Ого-го! Какой вопль и визг поднимется, особенно среди этих фармацевтов, зубных врачей, особенно среди русских писателей – ибо, как сказал один очень недурной беллетрист Куприн, каждый еврей родился на свет Божий с предначертанной миссией быть русским писателем.

Я помню, что ты в Даниловском возмущался, когда я звал евреев жидами. Ты тогда делал это искренне. И уж если теперь ты рассердился на эту банду литературной сволочи – стало быть они охамели от наглости.

Прелестный Крым обратили в дом проституции. Сожрали Польшу. Обуздывают Финляндию. Устроили бойню на Дальнем Востоке и вот ей богу, по поводу всего этого океана зла выпущено гораздо меньше воплей, чем при недавнем инциденте с одним евреем Шоломом Ашем.

Выражаясь тем же жидовским современным газетным языком, отчего? От того, что и слону и клопу одинаково больна боль, но раздавленный клоп больше воняет.

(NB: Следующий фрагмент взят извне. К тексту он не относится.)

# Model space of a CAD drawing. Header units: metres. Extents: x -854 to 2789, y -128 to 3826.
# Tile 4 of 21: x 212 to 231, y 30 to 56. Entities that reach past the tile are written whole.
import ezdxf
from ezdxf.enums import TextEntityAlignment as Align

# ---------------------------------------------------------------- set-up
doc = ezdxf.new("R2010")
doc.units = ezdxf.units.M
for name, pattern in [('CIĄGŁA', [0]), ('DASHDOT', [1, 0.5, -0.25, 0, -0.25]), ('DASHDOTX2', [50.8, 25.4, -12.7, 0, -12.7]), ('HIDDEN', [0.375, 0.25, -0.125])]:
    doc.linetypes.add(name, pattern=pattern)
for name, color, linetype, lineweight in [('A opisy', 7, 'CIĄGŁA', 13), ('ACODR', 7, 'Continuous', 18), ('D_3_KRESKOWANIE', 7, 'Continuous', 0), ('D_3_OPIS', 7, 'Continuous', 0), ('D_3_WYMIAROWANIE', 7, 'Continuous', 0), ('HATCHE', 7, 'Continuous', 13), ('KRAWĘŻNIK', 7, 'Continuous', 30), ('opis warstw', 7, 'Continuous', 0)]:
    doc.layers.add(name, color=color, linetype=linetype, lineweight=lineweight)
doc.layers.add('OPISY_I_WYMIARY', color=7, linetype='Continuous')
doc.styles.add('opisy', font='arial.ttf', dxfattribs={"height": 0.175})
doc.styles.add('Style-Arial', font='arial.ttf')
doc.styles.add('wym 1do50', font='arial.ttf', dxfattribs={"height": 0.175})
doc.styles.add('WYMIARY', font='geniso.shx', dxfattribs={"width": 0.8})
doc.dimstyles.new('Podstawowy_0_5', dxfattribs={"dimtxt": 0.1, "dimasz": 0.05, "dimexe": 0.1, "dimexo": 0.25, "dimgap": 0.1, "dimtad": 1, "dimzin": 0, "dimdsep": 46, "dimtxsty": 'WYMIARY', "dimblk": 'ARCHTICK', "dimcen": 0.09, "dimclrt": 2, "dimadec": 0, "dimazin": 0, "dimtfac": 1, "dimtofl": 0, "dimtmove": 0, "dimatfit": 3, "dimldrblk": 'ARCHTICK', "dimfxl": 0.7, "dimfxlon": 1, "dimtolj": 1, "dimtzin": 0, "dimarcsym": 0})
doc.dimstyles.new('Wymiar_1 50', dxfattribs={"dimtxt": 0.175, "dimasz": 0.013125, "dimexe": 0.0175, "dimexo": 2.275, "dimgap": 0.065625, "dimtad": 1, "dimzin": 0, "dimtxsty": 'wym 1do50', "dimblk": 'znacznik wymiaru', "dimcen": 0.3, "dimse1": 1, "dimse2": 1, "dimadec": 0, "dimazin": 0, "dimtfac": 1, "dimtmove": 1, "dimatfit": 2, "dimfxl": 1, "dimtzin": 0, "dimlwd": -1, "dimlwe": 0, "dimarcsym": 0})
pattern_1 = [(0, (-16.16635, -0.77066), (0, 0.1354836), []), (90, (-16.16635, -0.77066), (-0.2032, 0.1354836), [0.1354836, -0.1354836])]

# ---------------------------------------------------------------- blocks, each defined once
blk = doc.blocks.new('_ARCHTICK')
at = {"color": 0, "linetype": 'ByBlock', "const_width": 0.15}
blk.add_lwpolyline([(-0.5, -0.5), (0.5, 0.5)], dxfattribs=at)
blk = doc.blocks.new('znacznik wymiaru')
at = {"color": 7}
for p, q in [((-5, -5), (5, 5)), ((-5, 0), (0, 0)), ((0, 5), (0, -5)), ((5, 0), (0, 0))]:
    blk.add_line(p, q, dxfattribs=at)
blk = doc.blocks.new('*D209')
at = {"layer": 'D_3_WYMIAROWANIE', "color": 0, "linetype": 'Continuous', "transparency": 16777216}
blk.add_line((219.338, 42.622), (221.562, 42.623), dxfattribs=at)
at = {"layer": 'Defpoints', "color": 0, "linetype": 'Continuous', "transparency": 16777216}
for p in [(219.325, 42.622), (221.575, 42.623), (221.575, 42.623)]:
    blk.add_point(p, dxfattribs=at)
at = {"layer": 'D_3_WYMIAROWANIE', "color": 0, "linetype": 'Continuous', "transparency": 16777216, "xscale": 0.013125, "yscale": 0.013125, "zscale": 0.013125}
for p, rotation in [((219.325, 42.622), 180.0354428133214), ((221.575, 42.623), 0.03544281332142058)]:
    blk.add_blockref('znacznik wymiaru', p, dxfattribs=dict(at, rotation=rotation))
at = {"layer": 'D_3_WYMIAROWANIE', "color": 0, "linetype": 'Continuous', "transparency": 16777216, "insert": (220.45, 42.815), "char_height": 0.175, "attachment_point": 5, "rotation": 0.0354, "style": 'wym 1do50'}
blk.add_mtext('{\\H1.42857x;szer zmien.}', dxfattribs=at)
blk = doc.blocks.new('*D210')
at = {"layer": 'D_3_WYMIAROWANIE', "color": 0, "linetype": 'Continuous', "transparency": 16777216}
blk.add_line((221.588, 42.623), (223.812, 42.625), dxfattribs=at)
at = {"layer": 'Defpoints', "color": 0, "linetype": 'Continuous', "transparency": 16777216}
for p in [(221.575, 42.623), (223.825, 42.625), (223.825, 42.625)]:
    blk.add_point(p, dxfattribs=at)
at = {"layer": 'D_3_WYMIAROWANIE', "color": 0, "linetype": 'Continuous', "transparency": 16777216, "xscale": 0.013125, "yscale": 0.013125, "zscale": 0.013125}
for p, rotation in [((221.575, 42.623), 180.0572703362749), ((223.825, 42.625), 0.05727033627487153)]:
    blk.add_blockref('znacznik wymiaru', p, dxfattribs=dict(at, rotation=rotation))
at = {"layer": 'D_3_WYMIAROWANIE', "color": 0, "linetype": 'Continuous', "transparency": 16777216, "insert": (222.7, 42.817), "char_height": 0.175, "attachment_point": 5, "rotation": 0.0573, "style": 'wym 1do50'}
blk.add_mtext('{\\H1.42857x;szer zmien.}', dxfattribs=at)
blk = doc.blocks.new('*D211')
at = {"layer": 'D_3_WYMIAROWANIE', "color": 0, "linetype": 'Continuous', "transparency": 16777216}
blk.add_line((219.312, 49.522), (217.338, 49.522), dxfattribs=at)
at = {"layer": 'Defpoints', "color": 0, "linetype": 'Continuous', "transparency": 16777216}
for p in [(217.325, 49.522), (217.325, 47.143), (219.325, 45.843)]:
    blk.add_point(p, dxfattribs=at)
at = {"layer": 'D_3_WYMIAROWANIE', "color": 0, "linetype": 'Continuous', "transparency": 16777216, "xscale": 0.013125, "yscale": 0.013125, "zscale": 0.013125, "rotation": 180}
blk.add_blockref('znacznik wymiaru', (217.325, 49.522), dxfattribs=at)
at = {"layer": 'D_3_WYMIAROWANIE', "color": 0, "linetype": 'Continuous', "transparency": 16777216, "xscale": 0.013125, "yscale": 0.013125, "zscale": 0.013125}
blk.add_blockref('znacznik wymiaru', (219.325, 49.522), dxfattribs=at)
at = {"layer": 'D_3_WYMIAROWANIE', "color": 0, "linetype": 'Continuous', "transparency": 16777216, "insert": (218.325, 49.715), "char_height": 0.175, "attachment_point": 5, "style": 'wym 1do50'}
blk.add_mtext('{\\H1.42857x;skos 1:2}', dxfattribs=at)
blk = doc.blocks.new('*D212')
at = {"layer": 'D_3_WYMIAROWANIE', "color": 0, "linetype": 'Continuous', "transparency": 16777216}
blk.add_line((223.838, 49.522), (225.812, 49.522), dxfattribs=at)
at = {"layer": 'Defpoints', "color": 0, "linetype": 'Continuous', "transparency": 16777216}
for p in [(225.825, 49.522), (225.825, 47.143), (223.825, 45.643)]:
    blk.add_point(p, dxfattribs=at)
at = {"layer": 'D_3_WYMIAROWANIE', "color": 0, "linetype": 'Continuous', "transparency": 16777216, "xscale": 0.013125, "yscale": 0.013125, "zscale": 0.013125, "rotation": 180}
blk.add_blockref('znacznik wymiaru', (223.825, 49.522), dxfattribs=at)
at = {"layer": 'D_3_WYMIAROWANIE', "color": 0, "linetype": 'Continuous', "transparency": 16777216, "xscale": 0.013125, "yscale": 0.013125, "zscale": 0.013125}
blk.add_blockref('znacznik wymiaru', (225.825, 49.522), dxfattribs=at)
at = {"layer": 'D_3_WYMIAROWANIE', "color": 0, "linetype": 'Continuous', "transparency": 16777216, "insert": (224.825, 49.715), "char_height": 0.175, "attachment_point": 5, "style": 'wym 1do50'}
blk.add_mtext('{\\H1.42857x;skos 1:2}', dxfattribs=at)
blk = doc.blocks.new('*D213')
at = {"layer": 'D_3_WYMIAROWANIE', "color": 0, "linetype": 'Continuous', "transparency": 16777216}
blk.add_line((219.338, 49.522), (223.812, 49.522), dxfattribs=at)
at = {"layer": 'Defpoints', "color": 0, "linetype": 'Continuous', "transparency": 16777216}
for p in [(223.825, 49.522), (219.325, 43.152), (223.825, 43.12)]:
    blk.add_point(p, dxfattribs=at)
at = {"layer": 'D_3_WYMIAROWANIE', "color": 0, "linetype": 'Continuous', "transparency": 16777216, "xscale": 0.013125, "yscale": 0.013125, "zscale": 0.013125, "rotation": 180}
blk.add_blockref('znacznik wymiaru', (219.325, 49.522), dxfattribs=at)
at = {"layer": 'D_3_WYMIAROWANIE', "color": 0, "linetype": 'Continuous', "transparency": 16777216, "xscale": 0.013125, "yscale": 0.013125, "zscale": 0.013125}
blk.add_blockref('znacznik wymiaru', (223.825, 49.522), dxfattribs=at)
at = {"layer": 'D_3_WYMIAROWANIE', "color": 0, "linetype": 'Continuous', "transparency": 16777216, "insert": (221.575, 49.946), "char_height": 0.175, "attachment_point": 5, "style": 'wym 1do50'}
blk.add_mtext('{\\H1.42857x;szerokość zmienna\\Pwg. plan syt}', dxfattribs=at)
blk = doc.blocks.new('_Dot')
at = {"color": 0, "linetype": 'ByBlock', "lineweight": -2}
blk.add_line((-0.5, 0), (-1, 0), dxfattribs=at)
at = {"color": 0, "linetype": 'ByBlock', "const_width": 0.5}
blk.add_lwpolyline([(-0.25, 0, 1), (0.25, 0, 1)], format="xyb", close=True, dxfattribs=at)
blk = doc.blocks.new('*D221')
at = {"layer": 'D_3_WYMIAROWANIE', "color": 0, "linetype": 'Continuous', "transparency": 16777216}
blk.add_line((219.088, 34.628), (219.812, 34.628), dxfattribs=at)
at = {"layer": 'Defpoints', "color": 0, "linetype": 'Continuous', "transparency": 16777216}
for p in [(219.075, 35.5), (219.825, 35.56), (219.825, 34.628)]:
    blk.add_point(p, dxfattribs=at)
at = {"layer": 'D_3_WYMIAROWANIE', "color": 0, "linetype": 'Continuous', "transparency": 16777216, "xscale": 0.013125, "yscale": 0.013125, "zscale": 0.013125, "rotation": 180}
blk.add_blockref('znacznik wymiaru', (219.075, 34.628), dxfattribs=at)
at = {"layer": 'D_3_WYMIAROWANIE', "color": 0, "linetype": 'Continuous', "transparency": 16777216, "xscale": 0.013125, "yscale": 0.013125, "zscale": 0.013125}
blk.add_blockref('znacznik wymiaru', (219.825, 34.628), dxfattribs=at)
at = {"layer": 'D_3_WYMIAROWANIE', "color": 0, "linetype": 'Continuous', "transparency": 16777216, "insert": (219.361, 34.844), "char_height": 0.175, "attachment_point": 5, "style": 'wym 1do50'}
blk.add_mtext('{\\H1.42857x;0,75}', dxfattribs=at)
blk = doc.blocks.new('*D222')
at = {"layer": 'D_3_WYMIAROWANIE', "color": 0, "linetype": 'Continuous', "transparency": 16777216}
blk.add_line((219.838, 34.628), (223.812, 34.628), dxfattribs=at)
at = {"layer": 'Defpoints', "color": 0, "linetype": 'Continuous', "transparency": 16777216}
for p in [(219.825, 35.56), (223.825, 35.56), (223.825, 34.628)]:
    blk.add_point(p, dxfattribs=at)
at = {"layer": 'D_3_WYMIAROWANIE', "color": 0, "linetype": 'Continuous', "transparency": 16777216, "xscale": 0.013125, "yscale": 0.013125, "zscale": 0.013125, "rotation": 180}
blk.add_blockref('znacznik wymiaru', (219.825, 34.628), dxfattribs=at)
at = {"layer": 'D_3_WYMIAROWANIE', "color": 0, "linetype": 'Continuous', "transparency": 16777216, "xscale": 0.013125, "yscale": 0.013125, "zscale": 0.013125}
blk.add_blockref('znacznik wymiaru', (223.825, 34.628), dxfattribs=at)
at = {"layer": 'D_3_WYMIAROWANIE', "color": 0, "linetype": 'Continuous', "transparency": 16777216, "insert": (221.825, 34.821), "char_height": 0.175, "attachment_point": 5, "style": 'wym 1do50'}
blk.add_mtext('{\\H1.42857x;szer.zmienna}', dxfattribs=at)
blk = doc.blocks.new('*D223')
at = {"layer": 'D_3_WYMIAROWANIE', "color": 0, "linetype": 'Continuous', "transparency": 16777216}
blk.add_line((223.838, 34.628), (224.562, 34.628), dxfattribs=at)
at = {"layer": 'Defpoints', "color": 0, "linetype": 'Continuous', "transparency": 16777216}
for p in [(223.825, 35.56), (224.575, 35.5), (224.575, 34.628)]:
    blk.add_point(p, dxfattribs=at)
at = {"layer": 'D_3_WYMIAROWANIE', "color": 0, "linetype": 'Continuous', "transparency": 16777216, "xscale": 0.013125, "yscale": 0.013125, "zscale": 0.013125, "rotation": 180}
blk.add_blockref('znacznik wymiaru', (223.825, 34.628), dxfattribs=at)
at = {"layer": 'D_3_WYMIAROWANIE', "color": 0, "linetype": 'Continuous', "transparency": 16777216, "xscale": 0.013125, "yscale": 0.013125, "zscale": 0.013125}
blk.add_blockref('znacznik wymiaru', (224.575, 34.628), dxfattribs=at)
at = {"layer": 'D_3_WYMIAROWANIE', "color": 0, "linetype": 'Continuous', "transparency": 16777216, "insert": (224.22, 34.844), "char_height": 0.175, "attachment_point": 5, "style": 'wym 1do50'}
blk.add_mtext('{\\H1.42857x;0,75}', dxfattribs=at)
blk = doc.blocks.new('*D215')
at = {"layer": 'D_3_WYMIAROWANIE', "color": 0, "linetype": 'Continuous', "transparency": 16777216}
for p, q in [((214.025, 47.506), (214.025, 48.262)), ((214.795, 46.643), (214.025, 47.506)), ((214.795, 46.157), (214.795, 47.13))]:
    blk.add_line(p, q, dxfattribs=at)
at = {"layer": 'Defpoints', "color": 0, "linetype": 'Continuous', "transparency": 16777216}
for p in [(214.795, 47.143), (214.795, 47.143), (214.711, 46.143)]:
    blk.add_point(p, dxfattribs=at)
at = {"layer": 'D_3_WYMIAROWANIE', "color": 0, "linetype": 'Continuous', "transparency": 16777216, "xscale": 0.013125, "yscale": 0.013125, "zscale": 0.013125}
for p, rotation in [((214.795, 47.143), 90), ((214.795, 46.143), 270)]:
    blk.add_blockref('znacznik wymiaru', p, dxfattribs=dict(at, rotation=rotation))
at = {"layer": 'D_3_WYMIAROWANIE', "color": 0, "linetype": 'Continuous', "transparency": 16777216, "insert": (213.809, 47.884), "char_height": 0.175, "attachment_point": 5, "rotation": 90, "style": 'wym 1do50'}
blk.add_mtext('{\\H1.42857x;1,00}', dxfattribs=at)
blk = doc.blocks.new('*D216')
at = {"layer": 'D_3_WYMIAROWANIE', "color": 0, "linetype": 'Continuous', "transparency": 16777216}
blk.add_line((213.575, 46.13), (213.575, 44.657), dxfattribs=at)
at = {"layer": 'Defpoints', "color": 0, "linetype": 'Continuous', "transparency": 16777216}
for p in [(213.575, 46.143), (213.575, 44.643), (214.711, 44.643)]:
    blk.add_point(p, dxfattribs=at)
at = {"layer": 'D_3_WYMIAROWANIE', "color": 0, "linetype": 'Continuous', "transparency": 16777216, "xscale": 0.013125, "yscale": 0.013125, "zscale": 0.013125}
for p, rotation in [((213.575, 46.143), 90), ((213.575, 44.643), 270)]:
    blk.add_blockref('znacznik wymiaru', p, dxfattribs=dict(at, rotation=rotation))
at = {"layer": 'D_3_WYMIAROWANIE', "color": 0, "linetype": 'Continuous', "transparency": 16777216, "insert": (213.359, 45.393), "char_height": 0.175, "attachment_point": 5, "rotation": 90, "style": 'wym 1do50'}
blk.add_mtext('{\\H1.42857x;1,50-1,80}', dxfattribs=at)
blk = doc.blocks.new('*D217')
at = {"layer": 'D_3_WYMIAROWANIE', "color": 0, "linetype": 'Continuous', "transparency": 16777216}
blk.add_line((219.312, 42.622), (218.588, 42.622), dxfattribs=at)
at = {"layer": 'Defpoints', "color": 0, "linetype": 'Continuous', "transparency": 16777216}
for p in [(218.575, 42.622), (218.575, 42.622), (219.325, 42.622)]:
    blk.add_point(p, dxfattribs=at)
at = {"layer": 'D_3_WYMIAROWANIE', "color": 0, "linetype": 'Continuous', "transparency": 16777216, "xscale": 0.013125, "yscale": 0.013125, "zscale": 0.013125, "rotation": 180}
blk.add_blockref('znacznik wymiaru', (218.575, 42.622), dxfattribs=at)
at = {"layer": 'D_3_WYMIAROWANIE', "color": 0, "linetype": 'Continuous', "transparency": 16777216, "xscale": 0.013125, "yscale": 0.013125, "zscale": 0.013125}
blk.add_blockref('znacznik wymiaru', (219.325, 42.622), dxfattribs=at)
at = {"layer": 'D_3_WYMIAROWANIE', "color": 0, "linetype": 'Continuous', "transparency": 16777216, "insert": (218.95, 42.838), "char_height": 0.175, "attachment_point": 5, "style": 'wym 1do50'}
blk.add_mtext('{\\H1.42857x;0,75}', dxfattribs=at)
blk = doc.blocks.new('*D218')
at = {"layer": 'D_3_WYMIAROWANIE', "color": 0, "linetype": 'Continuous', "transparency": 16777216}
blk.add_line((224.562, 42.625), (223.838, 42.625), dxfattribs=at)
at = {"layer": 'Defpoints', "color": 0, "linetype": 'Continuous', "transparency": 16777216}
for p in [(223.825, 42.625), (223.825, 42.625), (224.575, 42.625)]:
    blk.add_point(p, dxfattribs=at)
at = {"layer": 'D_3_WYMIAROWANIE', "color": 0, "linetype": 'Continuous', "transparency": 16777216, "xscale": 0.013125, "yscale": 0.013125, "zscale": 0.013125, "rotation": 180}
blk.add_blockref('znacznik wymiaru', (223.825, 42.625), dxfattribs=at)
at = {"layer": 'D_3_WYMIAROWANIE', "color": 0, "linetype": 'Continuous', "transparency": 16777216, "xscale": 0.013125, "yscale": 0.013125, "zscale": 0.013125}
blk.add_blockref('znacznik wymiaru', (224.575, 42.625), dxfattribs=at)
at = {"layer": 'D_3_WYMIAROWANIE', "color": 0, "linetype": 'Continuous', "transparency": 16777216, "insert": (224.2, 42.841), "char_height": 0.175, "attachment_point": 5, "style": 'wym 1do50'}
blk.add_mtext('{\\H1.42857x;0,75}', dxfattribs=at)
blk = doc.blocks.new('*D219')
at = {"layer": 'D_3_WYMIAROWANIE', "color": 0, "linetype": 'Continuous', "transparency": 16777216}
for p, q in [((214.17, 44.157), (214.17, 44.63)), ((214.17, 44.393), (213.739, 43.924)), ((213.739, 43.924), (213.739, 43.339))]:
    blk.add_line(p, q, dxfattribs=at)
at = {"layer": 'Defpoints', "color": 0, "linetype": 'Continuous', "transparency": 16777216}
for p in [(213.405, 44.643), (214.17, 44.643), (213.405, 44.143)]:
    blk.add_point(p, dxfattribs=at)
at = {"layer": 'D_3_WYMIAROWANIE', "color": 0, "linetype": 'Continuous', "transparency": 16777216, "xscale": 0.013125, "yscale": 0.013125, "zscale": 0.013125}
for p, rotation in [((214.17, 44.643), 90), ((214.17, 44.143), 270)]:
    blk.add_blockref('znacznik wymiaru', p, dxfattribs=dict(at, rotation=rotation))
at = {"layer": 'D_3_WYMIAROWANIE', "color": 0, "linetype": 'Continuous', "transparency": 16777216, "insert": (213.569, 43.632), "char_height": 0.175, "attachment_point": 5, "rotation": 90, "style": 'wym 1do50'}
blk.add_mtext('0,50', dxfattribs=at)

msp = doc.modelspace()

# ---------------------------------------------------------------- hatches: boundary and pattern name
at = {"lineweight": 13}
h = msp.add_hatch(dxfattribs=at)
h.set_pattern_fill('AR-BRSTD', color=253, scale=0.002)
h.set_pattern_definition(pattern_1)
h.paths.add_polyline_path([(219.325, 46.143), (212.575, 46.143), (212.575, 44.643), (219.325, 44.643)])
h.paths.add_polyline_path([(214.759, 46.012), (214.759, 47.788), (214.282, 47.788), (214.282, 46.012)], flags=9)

Мы русские, так уж созданы нашим русским богом, что умеем болеть чужой болью как своей. Сострадаем Польше, распинаемся за еврейское равноправие, волнуемся за Болгарию. Никто не способен так великодушно бросить свою жизнь псу под хвост во имя призрачной идеи о счастье будущего человечества, как это делаем мы. И пусть так. Тверже, чем в завтрашний день верю в великое мировое зaгaдoчное предначертание моей страны и люблю ее безграничную христианскую душу. Но я хочу, чтобы евреи были изъяты из ее материнских забот.

Постараюсь пояснить тебе.Один парикмахер стриг господина и вдруг, обкорнав ему полголовы, сказал "извините", побежал в ближайший угол мастерской и стал ссать на обои, и когда его клиент окоченел от изумления, фигура спокойно объяснила: "Ничего-с, Все равно завтра переезжаем-с".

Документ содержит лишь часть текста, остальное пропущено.